◆ Given entries

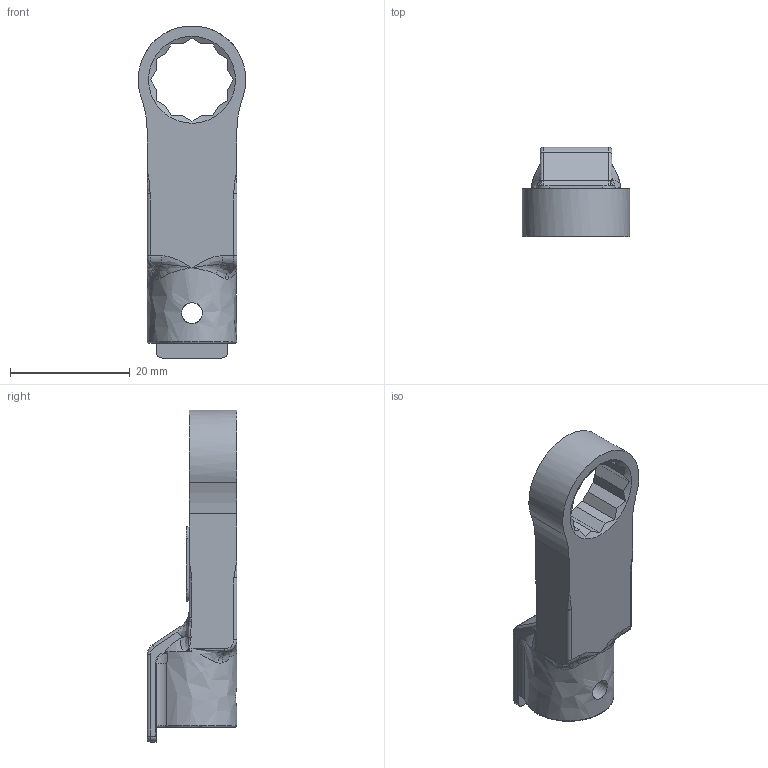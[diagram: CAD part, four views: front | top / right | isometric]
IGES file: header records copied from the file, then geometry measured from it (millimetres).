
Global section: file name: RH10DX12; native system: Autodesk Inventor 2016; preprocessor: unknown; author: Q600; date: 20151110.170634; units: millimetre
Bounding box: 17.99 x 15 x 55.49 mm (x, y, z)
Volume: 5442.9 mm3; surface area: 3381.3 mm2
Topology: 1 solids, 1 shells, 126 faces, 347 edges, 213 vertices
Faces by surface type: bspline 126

◆ Task
Set down all of the material word for word, minus its pictures.

◆ Task answer
[diagram: CAD part, four views: front | top / right | isometric]
IGES file: header records copied from the file, then geometry measured from it (millimetres).
Global section: file name: RH10DX12; native system: Autodesk Inventor 2016; preprocessor: unknown; author: Q600; date: 20151110.170634; units: millimetre
Bounding box: 17.99 x 15 x 55.49 mm (x, y, z)
Volume: 5442.9 mm3; surface area: 3381.3 mm2
Topology: 1 solids, 1 shells, 126 faces, 347 edges, 213 vertices
Faces by surface type: bspline 126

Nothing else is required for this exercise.